APONTAMENTOS SÉRIOS... TERCEIRA PARTE
Máuri de Carvalho
O obstáculo real à democratização das administrações
estaduais e nacional é a burocracia constitutiva do poder real, cujo conteúdo
material representa a ilusão do burocrata maior e seus asseclas apaniguados.
Parafraseando um advogado do século XX, diria que, se por um
lado, o burocratismo é a doença infantil do judô, por outro lado, a alardeada
crise de identidade do Judô não é nova, mas uma crise balzaquiana, com mais de
trintas anos.
É fato que a Era Mamede
transformou a CBJ em uma espécie de República de burocratas, fenômeno
incontornável cuja supressão é possível, mas apenas quando o interesse geral
for transformado em interesse particular e já não houver mais diferença entre o
interesse coletivo e o interesse do individual.
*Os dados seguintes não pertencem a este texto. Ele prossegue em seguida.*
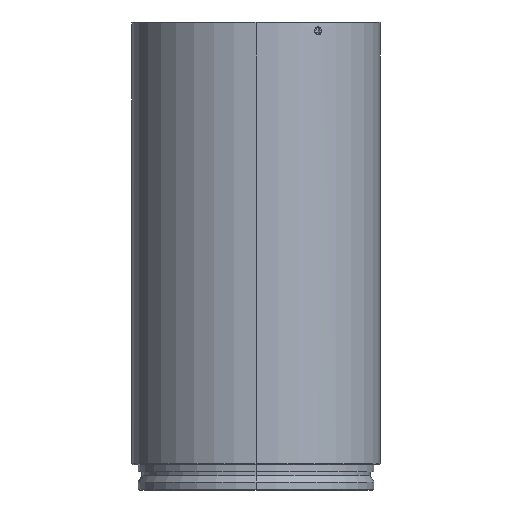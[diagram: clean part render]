
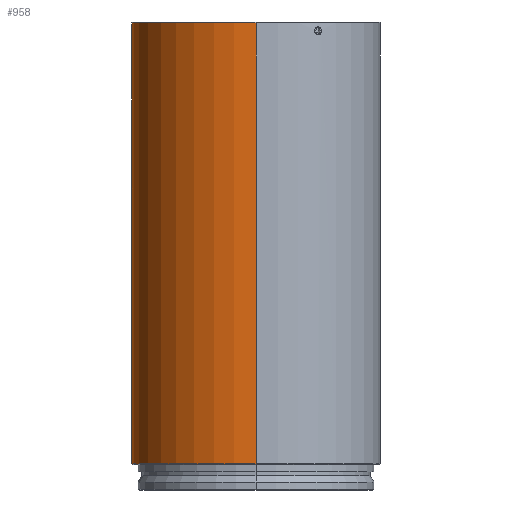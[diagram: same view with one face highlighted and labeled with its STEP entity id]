
A CAD part, left-side view. The second image highlights one B-rep face of the part: STEP entity #958.
In plain terms, the highlighted cylindrical face has radius 39 mm (diameter 78 mm), a partial arc.
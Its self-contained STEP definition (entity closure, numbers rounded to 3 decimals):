
#33 = CARTESIAN_POINT ( 'NONE',  ( 65.955, 134.402, 162.26 ) ) ;
#51 = CARTESIAN_POINT ( 'NONE',  ( 66.28, 134.403, 162.22 ) ) ;
#79 = B_SPLINE_CURVE_WITH_KNOTS ( 'NONE', 3,
 ( #2113, #481, #2553, #2501, #710, #1936, #266, #1312, #2125, #1105, #1523, #1093, #686, #279, #1074, #505, #33, #1878, #1116, #51 ),
 .UNSPECIFIED., .F., .F.,
 ( 4, 2, 2, 2, 2, 2, 2, 2, 2, 4 ),
 ( 0., 0., 0.001, 0.001, 0.002, 0.002, 0.003, 0.003, 0.004, 0.004 ),
 .UNSPECIFIED. ) ;
#113 = ORIENTED_EDGE ( 'NONE', *, *, #618, .F. ) ;
#130 = CARTESIAN_POINT ( 'NONE',  ( 67.53, 134.383, 163.634 ) ) ;
#142 = CYLINDRICAL_SURFACE ( 'NONE', #2540, 39. ) ;
#154 = DIRECTION ( 'NONE',  ( 1., 0., 0. ) ) ;
#205 = VERTEX_POINT ( 'NONE', #2438 ) ;
#217 = DIRECTION ( 'NONE',  ( 0., 0., 1. ) ) ;
#228 = CARTESIAN_POINT ( 'NONE',  ( 66.28, 134.403, 164.72 ) ) ;
#266 = CARTESIAN_POINT ( 'NONE',  ( 65.187, 134.388, 164.099 ) ) ;
#279 = CARTESIAN_POINT ( 'NONE',  ( 65.512, 134.396, 162.469 ) ) ;
#355 = CARTESIAN_POINT ( 'NONE',  ( 67.275, 134.39, 164.231 ) ) ;
#369 = CARTESIAN_POINT ( 'NONE',  ( 67.048, 134.396, 162.47 ) ) ;
#377 = B_SPLINE_CURVE_WITH_KNOTS ( 'NONE', 3,
 ( #1521, #1763, #746, #2541, #369, #1367, #1167, #1377, #1386, #130, #2199, #2012, #964, #355, #2622, #989, #1803, #1596, #796, #228 ),
 .UNSPECIFIED., .F., .F.,
 ( 4, 2, 2, 2, 2, 2, 2, 2, 2, 4 ),
 ( 0.004, 0.004, 0.005, 0.005, 0.006, 0.006, 0.007, 0.007, 0.007, 0.008 ),
 .UNSPECIFIED. ) ;
#412 = CARTESIAN_POINT ( 'NONE',  ( 27.28, 95.403, 158.087 ) ) ;
#481 = CARTESIAN_POINT ( 'NONE',  ( 66.114, 134.403, 164.72 ) ) ;
#485 = CARTESIAN_POINT ( 'NONE',  ( 66.28, 134.403, 164.72 ) ) ;
#500 = EDGE_CURVE ( 'NONE', #833, #668, #377, .T. ) ;
#505 = CARTESIAN_POINT ( 'NONE',  ( 65.877, 134.401, 162.284 ) ) ;
#550 = CARTESIAN_POINT ( 'NONE',  ( 66.28, 95.403, 27.642 ) ) ;
#618 = EDGE_CURVE ( 'NONE', #1796, #1059, #2534, .T. ) ;
#668 = VERTEX_POINT ( 'NONE', #485 ) ;
#686 = CARTESIAN_POINT ( 'NONE',  ( 65.279, 134.39, 162.703 ) ) ;
#710 = CARTESIAN_POINT ( 'NONE',  ( 65.511, 134.396, 164.469 ) ) ;
#735 = ORIENTED_EDGE ( 'NONE', *, *, #2576, .T. ) ;
#736 = AXIS2_PLACEMENT_3D ( 'NONE', #550, #974, #1804 ) ;
#746 = CARTESIAN_POINT ( 'NONE',  ( 66.607, 134.402, 162.253 ) ) ;
#756 = FACE_OUTER_BOUND ( 'NONE', #2568, .T. ) ;
#781 = CARTESIAN_POINT ( 'NONE',  ( 27.28, 95.403, 27.642 ) ) ;
#796 = CARTESIAN_POINT ( 'NONE',  ( 66.445, 134.403, 164.72 ) ) ;
#833 = VERTEX_POINT ( 'NONE', #2561 ) ;
#838 = CARTESIAN_POINT ( 'NONE',  ( 66.28, 95.403, 165.97 ) ) ;
#929 = DIRECTION ( 'NONE',  ( 0., 0., 1. ) ) ;
#958 = ADVANCED_FACE ( 'NONE', ( #1612, #756 ), #142, .T. ) ;
#964 = CARTESIAN_POINT ( 'NONE',  ( 67.365, 134.388, 164.095 ) ) ;
#969 = EDGE_CURVE ( 'NONE', #1796, #1255, #1679, .T. ) ;
#974 = DIRECTION ( 'NONE',  ( 0., 0., 1. ) ) ;
#989 = CARTESIAN_POINT ( 'NONE',  ( 67.049, 134.396, 164.468 ) ) ;
#1045 = VECTOR ( 'NONE', #929, 1000. ) ;
#1059 = VERTEX_POINT ( 'NONE', #1084 ) ;
#1074 = CARTESIAN_POINT ( 'NONE',  ( 65.65, 134.398, 162.378 ) ) ;
#1084 = CARTESIAN_POINT ( 'NONE',  ( 105.28, 95.403, 165.97 ) ) ;
#1093 = CARTESIAN_POINT ( 'NONE',  ( 65.187, 134.388, 162.841 ) ) ;
#1104 = ORIENTED_EDGE ( 'NONE', *, *, #500, .T. ) ;
#1105 = CARTESIAN_POINT ( 'NONE',  ( 65.03, 134.383, 163.307 ) ) ;
#1116 = CARTESIAN_POINT ( 'NONE',  ( 66.198, 134.403, 162.22 ) ) ;
#1138 = ORIENTED_EDGE ( 'NONE', *, *, #2239, .T. ) ;
#1167 = CARTESIAN_POINT ( 'NONE',  ( 67.371, 134.388, 162.839 ) ) ;
#1255 = VERTEX_POINT ( 'NONE', #781 ) ;
#1290 = CARTESIAN_POINT ( 'NONE',  ( 105.28, 95.403, 158.087 ) ) ;
#1312 = CARTESIAN_POINT ( 'NONE',  ( 65.063, 134.384, 163.798 ) ) ;
#1313 = EDGE_LOOP ( 'NONE', ( #1433, #1104 ) ) ;
#1337 = VECTOR ( 'NONE', #217, 1000. ) ;
#1359 = AXIS2_PLACEMENT_3D ( 'NONE', #838, #2100, #1868 ) ;
#1367 = CARTESIAN_POINT ( 'NONE',  ( 67.278, 134.39, 162.7 ) ) ;
#1377 = CARTESIAN_POINT ( 'NONE',  ( 67.497, 134.384, 163.141 ) ) ;
#1386 = CARTESIAN_POINT ( 'NONE',  ( 67.53, 134.383, 163.304 ) ) ;
#1433 = ORIENTED_EDGE ( 'NONE', *, *, #1937, .T. ) ;
#1521 = CARTESIAN_POINT ( 'NONE',  ( 66.28, 134.403, 162.22 ) ) ;
#1523 = CARTESIAN_POINT ( 'NONE',  ( 65.062, 134.384, 163.143 ) ) ;
#1596 = CARTESIAN_POINT ( 'NONE',  ( 66.609, 134.402, 164.687 ) ) ;
#1612 = FACE_BOUND ( 'NONE', #1313, .T. ) ;
#1679 = CIRCLE ( 'NONE', #736, 39. ) ;
#1702 = LINE ( 'NONE', #412, #1337 ) ;
#1763 = CARTESIAN_POINT ( 'NONE',  ( 66.443, 134.403, 162.22 ) ) ;
#1787 = CARTESIAN_POINT ( 'NONE',  ( 66.28, 95.403, 158.087 ) ) ;
#1796 = VERTEX_POINT ( 'NONE', #2265 ) ;
#1803 = CARTESIAN_POINT ( 'NONE',  ( 66.91, 134.398, 164.562 ) ) ;
#1804 = DIRECTION ( 'NONE',  ( 1., 0., 0. ) ) ;
#1868 = DIRECTION ( 'NONE',  ( -1., 0., 0. ) ) ;
#1878 = CARTESIAN_POINT ( 'NONE',  ( 66.115, 134.403, 162.228 ) ) ;
#1936 = CARTESIAN_POINT ( 'NONE',  ( 65.28, 134.39, 164.238 ) ) ;
#1937 = EDGE_CURVE ( 'NONE', #668, #833, #79, .T. ) ;
#2012 = CARTESIAN_POINT ( 'NONE',  ( 67.403, 134.387, 164.023 ) ) ;
#2080 = CIRCLE ( 'NONE', #1359, 39. ) ;
#2091 = ORIENTED_EDGE ( 'NONE', *, *, #969, .T. ) ;
#2100 = DIRECTION ( 'NONE',  ( 0., 0., -1. ) ) ;
#2113 = CARTESIAN_POINT ( 'NONE',  ( 66.28, 134.403, 164.72 ) ) ;
#2125 = CARTESIAN_POINT ( 'NONE',  ( 65.03, 134.383, 163.633 ) ) ;
#2199 = CARTESIAN_POINT ( 'NONE',  ( 67.498, 134.384, 163.796 ) ) ;
#2239 = EDGE_CURVE ( 'NONE', #1255, #205, #1702, .T. ) ;
#2265 = CARTESIAN_POINT ( 'NONE',  ( 105.28, 95.403, 27.642 ) ) ;
#2390 = DIRECTION ( 'NONE',  ( 0., 0., 1. ) ) ;
#2438 = CARTESIAN_POINT ( 'NONE',  ( 27.28, 95.403, 165.97 ) ) ;
#2501 = CARTESIAN_POINT ( 'NONE',  ( 65.65, 134.398, 164.562 ) ) ;
#2534 = LINE ( 'NONE', #1290, #1045 ) ;
#2540 = AXIS2_PLACEMENT_3D ( 'NONE', #1787, #2390, #154 ) ;
#2541 = CARTESIAN_POINT ( 'NONE',  ( 66.908, 134.398, 162.377 ) ) ;
#2553 = CARTESIAN_POINT ( 'NONE',  ( 65.952, 134.402, 164.687 ) ) ;
#2561 = CARTESIAN_POINT ( 'NONE',  ( 66.28, 134.403, 162.22 ) ) ;
#2568 = EDGE_LOOP ( 'NONE', ( #2091, #1138, #735, #113 ) ) ;
#2576 = EDGE_CURVE ( 'NONE', #205, #1059, #2080, .T. ) ;
#2622 = CARTESIAN_POINT ( 'NONE',  ( 67.222, 134.392, 164.295 ) ) ;
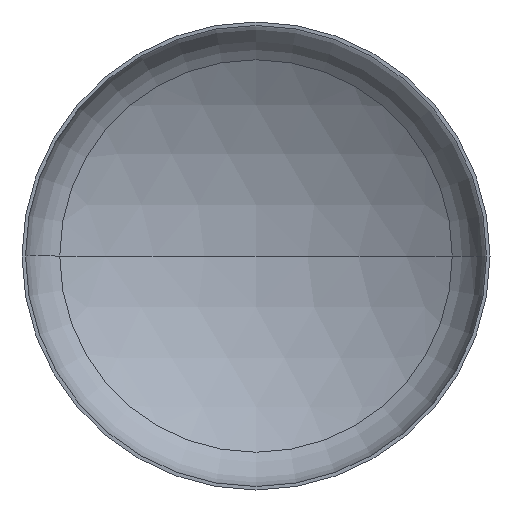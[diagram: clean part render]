
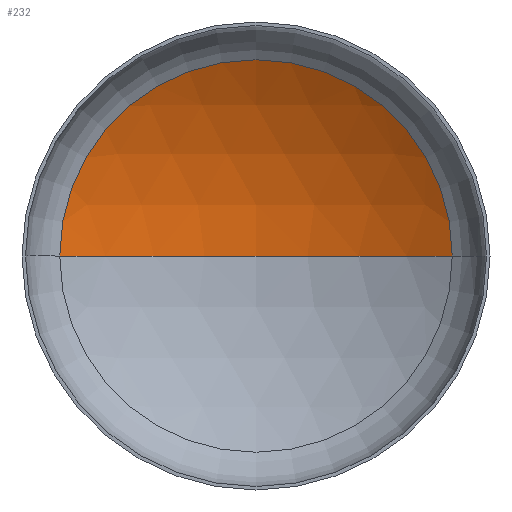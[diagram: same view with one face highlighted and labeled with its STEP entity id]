
A CAD part, front view. The second image highlights one B-rep face of the part: STEP entity #232.
In plain terms, the highlighted spherical face has radius 3200 mm.
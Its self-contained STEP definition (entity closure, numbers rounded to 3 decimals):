
#1 = ORIENTED_EDGE ( 'NONE', *, *, #150, .F. ) ;
#5 = DIRECTION ( 'NONE',  ( 1., 0., 0. ) ) ;
#10 = EDGE_LOOP ( 'NONE', ( #1, #124, #86 ) ) ;
#52 = AXIS2_PLACEMENT_3D ( 'NONE', #89, #56, #187 ) ;
#56 = DIRECTION ( 'NONE',  ( 0., 0., -1. ) ) ;
#59 = VERTEX_POINT ( 'NONE', #290 ) ;
#77 = VERTEX_POINT ( 'NONE', #255 ) ;
#79 = VERTEX_POINT ( 'NONE', #235 ) ;
#83 = AXIS2_PLACEMENT_3D ( 'NONE', #243, #391, #5 ) ;
#86 = ORIENTED_EDGE ( 'NONE', *, *, #142, .T. ) ;
#89 = CARTESIAN_POINT ( 'NONE',  ( 0., -2111.409, 0. ) ) ;
#92 = AXIS2_PLACEMENT_3D ( 'NONE', #231, #225, #228 ) ;
#98 = AXIS2_PLACEMENT_3D ( 'NONE', #200, #203, #305 ) ;
#121 = CIRCLE ( 'NONE', #98, 1677.369 ) ;
#124 = ORIENTED_EDGE ( 'NONE', *, *, #145, .T. ) ;
#142 = EDGE_CURVE ( 'NONE', #59, #79, #121, .T. ) ;
#145 = EDGE_CURVE ( 'NONE', #77, #59, #323, .T. ) ;
#150 = EDGE_CURVE ( 'NONE', #77, #79, #272, .T. ) ;
#187 = DIRECTION ( 'NONE',  ( -1., 0., 0. ) ) ;
#191 = SPHERICAL_SURFACE ( 'NONE', #52, 3200. ) ;
#200 = CARTESIAN_POINT ( 'NONE',  ( 0., 613.739, 0. ) ) ;
#203 = DIRECTION ( 'NONE',  ( 0., -1., 0. ) ) ;
#225 = DIRECTION ( 'NONE',  ( 0., 0., -1. ) ) ;
#228 = DIRECTION ( 'NONE',  ( -1., 0., 0. ) ) ;
#231 = CARTESIAN_POINT ( 'NONE',  ( 0., -2111.409, 0. ) ) ;
#232 = ADVANCED_FACE ( 'NONE', ( #364 ), #191, .F. ) ;
#235 = CARTESIAN_POINT ( 'NONE',  ( -1677.369, 613.739, 0. ) ) ;
#243 = CARTESIAN_POINT ( 'NONE',  ( 0., -2111.409, 0. ) ) ;
#255 = CARTESIAN_POINT ( 'NONE',  ( 0., 1088.591, 0. ) ) ;
#272 = CIRCLE ( 'NONE', #83, 3200. ) ;
#290 = CARTESIAN_POINT ( 'NONE',  ( 1677.369, 613.739, 0. ) ) ;
#305 = DIRECTION ( 'NONE',  ( 1., 0., 0. ) ) ;
#323 = CIRCLE ( 'NONE', #92, 3200. ) ;
#364 = FACE_OUTER_BOUND ( 'NONE', #10, .T. ) ;
#391 = DIRECTION ( 'NONE',  ( 0., 0., 1. ) ) ;
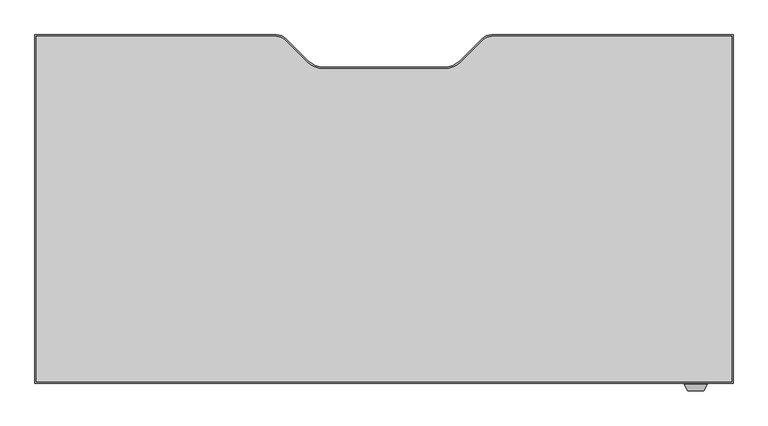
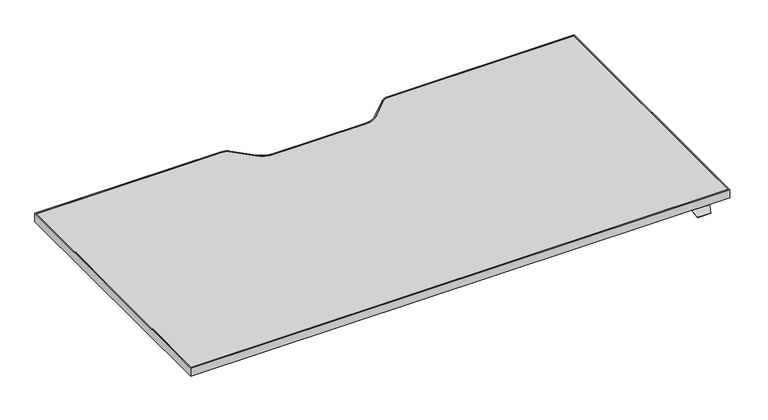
"""IFC4 building model written with IfcOpenShell, lengths in millimetres: furniture geometry, Steelcase Turnstone - Bivi - Height Adjustable Desk - C Base : 30D x 60W."""

from ifc_helpers import new_model, si_unit, point, frame, frame_2d, origin, place, context, project, spatial, polyline, circle_curve, trimmed, segment, composite_curve, outline, extrude, faceted_brep, source, transform, mapped, element, save


def furniture_5335a9a9(model_context):
    return source(origin(), model_context, "Body", "SolidModel", [
        faceted_brep([(316.0177913, -478.5301693, 760.9984131), (316.0177913, -476.0074599, 760.9984131), (316.0177913, -476.0074599, 762.4), (316.0177913, -478.5490853, 762.4), (316.0177913, -479.8594921, 761.3004382), (316.0177913, -479.8594921, 759.8829789), (266.4448135, -478.5490853, 762.4), (266.4448135, -476.0074599, 762.4), (266.4448135, -476.0074599, 760.9984131), (266.4448135, -478.5301693, 760.9984131), (266.4448135, -479.8594921, 759.8829789), (266.4448135, -479.8594921, 761.3004382), (309.0358363, -494.8323429, 748.7367246), (273.4267685, -494.8323429, 748.7367246), (273.0673686, -494.0616074, 747.9659891), (309.3952362, -494.0616074, 747.9659891)], [[[0, 1, 2, 3, 4, 5]], [[6, 7, 8, 9, 10, 11]], [[12, 13, 14, 15]], [[9, 0, 5, 15, 14, 10]], [[1, 0, 9, 8]], [[2, 1, 8, 7]], [[3, 2, 7, 6]], [[3, 6, 11, 13, 12, 4]], [[5, 4, 12, 15]], [[11, 10, 14, 13]]]),
        extrude(outline(composite_curve([segment(polyline([(-1151.2285908, 283.4509147), (-623.9070191, 283.4509147)]), True, "CONTINUOUS"), segment(trimmed(circle_curve(frame_2d((-623.9070191, 254.7489147)), 28.702), [point((-623.9070191, 283.4509147))], [point((-603.6116402, 275.0442935))], False, "CARTESIAN"), True, "CONTINUOUS"), segment(polyline([(-603.6116402, 275.0442935), (-556.0972358, 227.5298891)]), True, "CONTINUOUS"), segment(trimmed(circle_curve(frame_2d((-520.1762113, 263.4509136)), 50.8), [point((-556.0972358, 227.5298891))], [point((-520.1762113, 212.6509136))], True, "CARTESIAN"), True, "CONTINUOUS"), segment(polyline([(-520.1762113, 212.6509136), (-258.2809703, 212.6509136)]), True, "CONTINUOUS"), segment(trimmed(circle_curve(frame_2d((-258.2809703, 263.4509136)), 50.8), [point((-258.2809703, 212.6509136))], [point((-222.3599458, 227.5298891))], True, "CARTESIAN"), True, "CONTINUOUS"), segment(polyline([(-222.3599458, 227.5298891), (-174.8455414, 275.0442935)]), True, "CONTINUOUS"), segment(trimmed(circle_curve(frame_2d((-154.5501625, 254.7489147)), 28.702), [point((-174.8455414, 275.0442935))], [point((-154.5501625, 283.4509147))], False, "CARTESIAN"), True, "CONTINUOUS"), segment(polyline([(-154.5501625, 283.4509147), (372.7714092, 283.4509147), (372.7714092, -478.5490853), (-1151.2285908, -478.5490853), (-1151.2285908, 283.4509147)]), True, "CONTINUOUS")], self_intersect=False), holes=[composite_curve([segment(polyline([(-1147.8487543, 280.1489147), (-1147.8487543, -475.2470853), (369.4694092, -475.2470853), (369.4694092, 280.1489147), (-154.5501625, 280.1489147)]), True, "CONTINUOUS"), segment(trimmed(circle_curve(frame_2d((-154.5501625, 254.7489147)), 25.4), [point((-154.5501625, 280.1489147))], [point((-172.5106748, 272.7094269))], True, "CARTESIAN"), True, "CONTINUOUS"), segment(polyline([(-172.5106748, 272.7094269), (-220.527602, 224.6924998)]), True, "CONTINUOUS"), segment(trimmed(circle_curve(frame_2d((-256.4486265, 260.6135242)), 50.8), [point((-220.527602, 224.6924998))], [point((-256.4486265, 209.8135242))], False, "CARTESIAN"), True, "CONTINUOUS"), segment(polyline([(-256.4486265, 209.8135242), (-389.2285908, 209.8135242), (-522.0085552, 209.8135242)]), True, "CONTINUOUS"), segment(trimmed(circle_curve(frame_2d((-522.0085552, 260.6135242)), 50.8), [point((-522.0085552, 209.8135242))], [point((-557.9295796, 224.6924998))], False, "CARTESIAN"), True, "CONTINUOUS"), segment(polyline([(-557.9295796, 224.6924998), (-605.9465068, 272.7094269)]), True, "CONTINUOUS"), segment(trimmed(circle_curve(frame_2d((-623.9070191, 254.7489147)), 25.4), [point((-605.9465068, 272.7094269))], [point((-623.9070191, 280.1489147))], True, "CARTESIAN"), True, "CONTINUOUS"), segment(polyline([(-623.9070191, 280.1489147), (-1147.8487543, 280.1489147)]), True, "CONTINUOUS")], self_intersect=False)]), frame((0.0, 0.0, 762.4), z_axis=(0.0, 0.0, 1.0), x_axis=(1.0, 0.0, 0.0)), (0.0, 0.0, 1.0), 25.0),
        extrude(outline(composite_curve([segment(polyline([(-1147.8487543, 280.1489147), (-623.9070191, 280.1489147)]), True, "CONTINUOUS"), segment(trimmed(circle_curve(frame_2d((-623.9070191, 254.7489147)), 25.4), [point((-623.9070191, 280.1489147))], [point((-605.9465068, 272.7094269))], False, "CARTESIAN"), True, "CONTINUOUS"), segment(polyline([(-605.9465068, 272.7094269), (-557.9295796, 224.6924998)]), True, "CONTINUOUS"), segment(trimmed(circle_curve(frame_2d((-522.0085552, 260.6135242)), 50.8), [point((-557.9295796, 224.6924998))], [point((-522.0085552, 209.8135242))], True, "CARTESIAN"), True, "CONTINUOUS"), segment(polyline([(-522.0085552, 209.8135242), (-389.2285908, 209.8135242), (-256.4486265, 209.8135242)]), True, "CONTINUOUS"), segment(trimmed(circle_curve(frame_2d((-256.4486265, 260.6135242)), 50.8), [point((-256.4486265, 209.8135242))], [point((-220.527602, 224.6924998))], True, "CARTESIAN"), True, "CONTINUOUS"), segment(polyline([(-220.527602, 224.6924998), (-172.5106748, 272.7094269)]), True, "CONTINUOUS"), segment(trimmed(circle_curve(frame_2d((-154.5501625, 254.7489147)), 25.4), [point((-172.5106748, 272.7094269))], [point((-154.5501625, 280.1489147))], False, "CARTESIAN"), True, "CONTINUOUS"), segment(polyline([(-154.5501625, 280.1489147), (369.4694092, 280.1489147), (369.4694092, -475.2470853), (-1147.8487543, -475.2470853), (-1147.8487543, 280.1489147)]), True, "CONTINUOUS")], self_intersect=False)), frame((0.0, 0.0, 762.4), z_axis=(0.0, 0.0, 1.0), x_axis=(1.0, 0.0, 0.0)), (0.0, 0.0, 1.0), 25.0),
    ])


if __name__ == "__main__":
    model = new_model("IFC4")
    model_context = context("Model", 3, world=origin())
    ifc_project = project(units=[si_unit("LENGTHUNIT", "METRE", prefix="MILLI")], contexts=[model_context])
    site = spatial("IfcSite", under=ifc_project)
    building = spatial("IfcBuilding", under=site)
    placement = place(None, origin())
    furniture_shape = furniture_5335a9a9(model_context)
    element("IfcFurniture", 1, ObjectType="Steelcase Turnstone - Bivi - Height Adjustable Desk - C Base : 30D x 60W", at=placement, inside=building, context=model_context, shape_type="MappedRepresentation", body=[
        mapped(furniture_shape, transform((0.0, 0.0, 0.0), x_axis=(1.0, 0.0, 0.0), y_axis=(0.0, 1.0, 0.0), z_axis=(0.0, 0.0, 1.0))),
    ])
    save(model, "model.ifc")

Especificamente no Judô, justiça seja feita às raras
exceções, os desmandos levados a termo pelas burocracias que se apossaram da
Confederação e das Federações, como se capitanias hereditárias fossem,
demonstram que o Judô é dirigido distanciado do marco filosófico e ético
originário assumido por seu edificador.
O judô virou esporte tornando-se presa fácil de burocratas
servis às grandes empresas multinacionais e aos governos não populares e não
democráticos de 1985 aos dias de hoje.
Sobre a burocracia um pensador do século XIX trás a lume a
crítica aos rumos que tomaram a lengalenga burocrática e as bravatas
ideológicas em andamento no Judô sobre as quais uma paciente e rigorosa
reflexão é absolutamente necessária.
Estranho aos professores de Judô, mas não ao Judô, um
secular pensador ao referir sobre a burocracia me permite parafrasear o
seguinte comentário: o espírito burocrático é totalmente jesuítico e teológico,
os professores de Judô, notadamente os burocratas, são dados a tricas e
futricas, dissimulados e hipócritas defensores e acólitos dos governos que se
sucedem na “República do Bananil”.
Salvo outra e mais detalhada datação
histórica, a Era Mamede foi o período onde Joaquim Mamede Carvalho Silva esteve
à frente da gestão da Confederação Brasileira de Judô – CBJ. Ainda que possa
parecer estranho essa gestão tem como ponto a Federação de Judô do Estado do
Rio de Janeiro – FJERJ, cujo presidente era Joaquim Mamede no período
1976-1979, com o inestimável e incontornável apoio do então Chanceler da
Universidade Gama Filho, Pedro Ernesto Prado Ferreira da Gama, mais conhecido
como Pedro Gama Filho, Presidente da FJERJ nos anos de 1982 e 1983, sucedendo à
Raimundo Faustino Sobrinho Presidente da FJERJ nos anos de 1980 e 1981. Joaquim
Mamede foi Presidente da CBJ de 1985 à 1990 e Superintendente da mesma
Instituição por dois períodos, o primeiro entre 1979 e 1984, e o segundo, entre
1991 e 2001. Nestes dois períodos Mamede era quem de fato mandava na
Confederação Brasileira de Judô. Foram 21 anos de efetivo comando sobre a CBJ e
sobre o destino do Judô no Brasil. A Era Mamede dirigida por um burocrata
avesso à democracia priorizou o aspecto técnico competitivo em detrimento dos
componentes pedagógicos e filosóficos do Judô como Método de Educação Física,
Educação Intelectual e Educação Moral. Traído por velhos e novos falsos amigos
Joaquim Mamede retira-se da longa e tumultuada política adotada na CBJ, entre
1980 e 2001. Com essa retirada Mamede deixa livre o caminho aos seus sucessores
que, a rigor, gozavam das benesses da Era Mamede.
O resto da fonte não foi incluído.